Today, along with another former teacher, I did some storytelling to four classes of wealthy Westchester suburban high school students about growing up in the Bronx during the 50’s and 60’s…well I stretched it into the early 70’s as well. Unfortunately I realized I am now old enough for them to by grand kids. Damn, that smarts.
Don, a former health teacher, taught them about games we played on the street, ranging from stickball to flipping baseball cards, to skully. That was cool. The kids looked at him and me weirdly as he demonstrated some things and I demonstrated stoopball inside the classroom… (Good thing we didn’t have any Spaldeens).
When it got to be my turn, I relayed to these HS seniors odds and ends from my early days, from age 5 to 17. Those ranged from playing chicken with cars passing on the street, my dad being in one of them, and the common corporal punishment it led to; to walking home from my high school girlfriend’s house after midnight before a bus came along. That was from Sedgwick Ave and Van Cortlandt Park West to 171st and the Grand Concourse. (3.7 miles according to Google Maps).
Mostly I told them about my years growing up in a poor to working class multi ethnic diverse neighborhood, where I was often one of a few “white shadows”. We would all play together in the streets and in the schoolyards; yet sit in tracked, de-facto segregated elementary school classes. Then, on occasion, we would have to take sides in a neighborhood dispute even as 10 year olds and fight for our block. Thank God there were no guns then like now.
I told them about the iron-fisted witch of a first grade teacher who kept my long legs pinned under those immovable wooden screwed to the floor desks. I swear she was sadistic, and how that compared to my second grade teacher who gave us so munch inspiration to learn and do so many interesting things to do, like write letters to President Eisenhower to end segregation in Little Rock. He actually responded, or at least his secretary did. We were quoted in the New York Times too.

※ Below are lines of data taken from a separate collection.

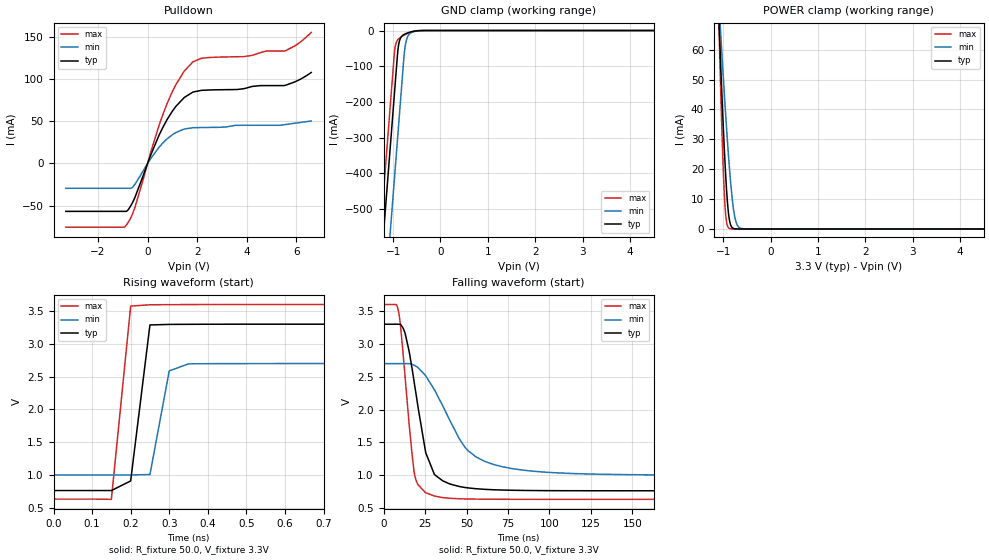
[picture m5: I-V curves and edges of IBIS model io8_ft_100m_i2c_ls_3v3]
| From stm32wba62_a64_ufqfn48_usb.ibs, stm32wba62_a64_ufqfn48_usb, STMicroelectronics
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[Model]   io8_ft_100m_i2c_ls_3v3
Model_type I/O_open_drain
Polarity   Non-Inverting
Enable   Active-Low
| CAP_THRESHOLD on pad IOFT is "UDTCAPC" :
| Rising=30.0% of vddiom   Falling=70.0% of vddiom
| C_comp min and max val. don't necessarily correlate with the min and max pvt
| but are the smallest and greatest pad capacitance found.
| var   typ   min   max
C_comp   3.81294pF  3.70667pF  3.87011pF
|C_comp_pulldown   3.81294pF  3.70667pF  3.87011pF
Vinl = 1.35V
Vinh = 1.8V
Vmeas = 1.65V   | Reference voltage for timing measurements
Cref  = 50.0pF   | Timing specification test load capacitance value
Rref  = 1.0MOhm   | Timing specification test load resistance value
Vref  = 1.815V   | Timing specification test load voltage
[Model Spec]
| TIME_THRESHOLD on pin ZII2CV11 is "CMOS" :
| Rising=50.0% of vdd   Falling=50.0% of vdd
Vinl 1.29050V 1.08050V 1.37650V
Vinh 1.79850V 1.52050V 1.90250V
| variable   typ   min   max
[Temperature Range] 25.0 140.0 -40.0
| variable   typ   min   max
[Voltage Range] 3.3V 2.7V 3.6V
| variable   typ   min   max
[POWER Clamp Reference] 3.3V 2.7V 3.6V
| variable   typ   min   max
[GND Clamp Reference] 0V 0V 0V
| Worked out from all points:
|   slope of the pulldown table from 0 to 0.495 V, typ, clamps not added: 14 ohm
|   GND clamp passes 1 mA (typ) near -0.51 V on its own axis
|   POWER clamp passes 1 mA (typ) near -0.83 V on its own axis
|   rising waveform, R_fixture 50.0, V_fixture 3.3V: 20-80 % time 32ps typ, 32.3ps min, 30.2ps max; typ from 0.764 V to 3.3 V
|   falling waveform, R_fixture 50.0, V_fixture 3.3V: 20-80 % time 10.5ns typ, 23.4ns min, 6.38ns max; typ from 3.3 V to 0.764 V
[POWER Clamp]
-3.3V     1.123A     753mA      1.645A
-1.09V    69.42mA    75.17mA    67.14mA
-1.08V    65.31mA    72.42mA    61.23mA
-1.06V    57.23mA    66.98mA    49.77mA
-1.01V    38.06mA    53.68mA    24.29mA
-970mV    24.36mA    43.46mA    9.575mA
-930mV    13.06mA    33.74mA    2.352mA
-870mV    3.065mA    20.56mA    165.9uA
-810mV    418.4uA    10.06mA    10.3uA
-760mV    69.41uA    4.321mA    1.009uA
-630mV    611.5nA    197uA      2.727nA
6.6V      0A         0A         0A
[GND Clamp]
-3.3V     -4.134A    -4.372A    -4.018A
-1.59V    -1.227A    -1.465A    -1.111A
-1.25V    -648.9mA   -886.9mA   -533mA
-980mV    -189.9mA   -427.9mA   -74mA
-960mV    -155.9mA   -393.9mA   -48.8mA
-910mV    -70.86mA   -308.9mA   -27.2mA
-880mV    -37.23mA   -257.9mA   -22.76mA
-770mV    -11.28mA   -71.59mA   -12.95mA
-730mV    -8.709mA   -32.74mA   -10.07mA
-630mV    -4.122mA   -6.943mA   -4.354mA
-370mV    -42.68uA   -212.2uA   -13.03uA
6.6V      2.311nA    506.4nA    1.057nA
| variable   typ   min   max
[Pullup Reference] 3.3V 2.7V 3.6V
| variable   typ   min   max
[Pulldown Reference] 0V 0V 0V
[Pulldown]
-3.3V     -56.7mA    -29.42mA   -75.36mA
-860mV    -56.67mA   -29.42mA   -72.94mA
-520mV    -40.69mA   -25.01mA   -52.64mA
460mV     33.25mA    19.09mA    44.92mA
800mV     52.54mA    29.36mA    71.75mA
1.14V     67.41mA    36.49mA    93.2mA
1.48V     77.97mA    40.67mA    109.3mA
1.83V     84.38mA    42.18mA    120.1mA
2.17V     86.37mA    42.45mA    124.3mA
3.88V     88.31mA    45.1mA     126.3mA
5.54V     92.28mA    45.89mA    133mA
6.6V      107.5mA    50.2mA     155mA
[Ramp]
dV/dt_r 1.52155V/251.05207ps 1.01897V/339.24608ps 1.7797V/235.85679ps
dV/dt_f 1.52157V/9.99368ns 1.01885V/23.02642ns 1.77971V/6.34242ns
R_load = 50.0
| Removed startup time: 0s 0s 0s  .
| Removed end time: 1.7ns.
[Rising Waveform]
R_fixture   = 50.0
V_fixture   = 3.3V
V_fixture_min = 2.7V
V_fixture_max = 3.6V
0s        764mV      1.002V     633.8mV
150ps     764mV      1.002V     630.3mV
200ps     910.7mV    1.002V     3.576V
250ps     3.288V     1.008V     3.596V
300ps     3.297V     2.588V     3.598V
350ps     3.298V     2.695V     3.599V
1.7ns     3.3V       2.7V       3.6V
| Removed startup time: 0s 0s 0s  .
| Removed end time: 249.25ns.
[Falling Waveform]
R_fixture   = 50.0
V_fixture   = 3.3V
V_fixture_min = 2.7V
V_fixture_max = 3.6V
0s        3.3V       2.7V       3.6V
8.8ns     3.3V       2.7V       3.514V
10.2ns    3.297V     2.7V       3.266V
13.05ns   3.15V      2.7V       2.46V
18.35ns   2.428V     2.676V     1.059V
25.45ns   1.339V     2.511V     734.5mV
31.15ns   1V         2.276V     680.6mV
49ns      814.2mV    1.427V     640mV
66.15ns   779.7mV    1.165V     635.1mV
249.3ns   764mV      1.002V     633.8mV

I told them about the Art Deco masterpiece and its grand music tower that was my Junior High School, Herman Ridder (JHS98) slowly becoming more notorious than famous.
I told them about how moving up literally meant moving up the hill from 172nd and Longfellow to 173rd and Vyse and my own bedroom after 6th grade and up hill again to the soon to be decaying Grand Concourse and 171st, where I lost that room.I told them about how being white saved me and my friends from a police shooting while living there during the 1965 blackout. A few friends of mine of various shades and I broke into a storage room in my building to grab ladders to rescue subway riders from the stuck train on the express track on the D line. He approached us gun up thinking we were going to rob apartments until I convinced him otherwise.
I told them about our high school hangouts: Orchard Beach, Fordham Rd, White Castle, and Poe Park. I told them how I hated going to The Bronx High School of Science because of the commute, the nerdiness, and being ranked 903rd in a class of 950 with an 80% avg. I preferred playing ball in the Taft HS school-yard.
Finally, I told them about the Bronx cycle. How from the 20’s – 50’s most of it was filled with thriving neighborhoods, some segregated, some not. I told them about white flight and the devastation that Coop City created; how landlords let their buildings decay (including mine), and eventually had them torched for insurance money leading to the famous Jimmy Carter picture of what looked like a total war zone on Charlotte Place (around the corner from what used to be the apartment where I once lived with my grandmother;and how now the Bronx is no longer the gang infested, war torn, Fort Apache from the 1970s. Here is that same area now.
I concluded by telling them that it is again filled with striving immigrant families as it had in the first half of the 20th century; however they aren’t mostly various European nationalities, but that now, in the early 21st century they are primarily various African, Asian, Latin American, and fewer white Europeans. Thus, the stereotypes persist.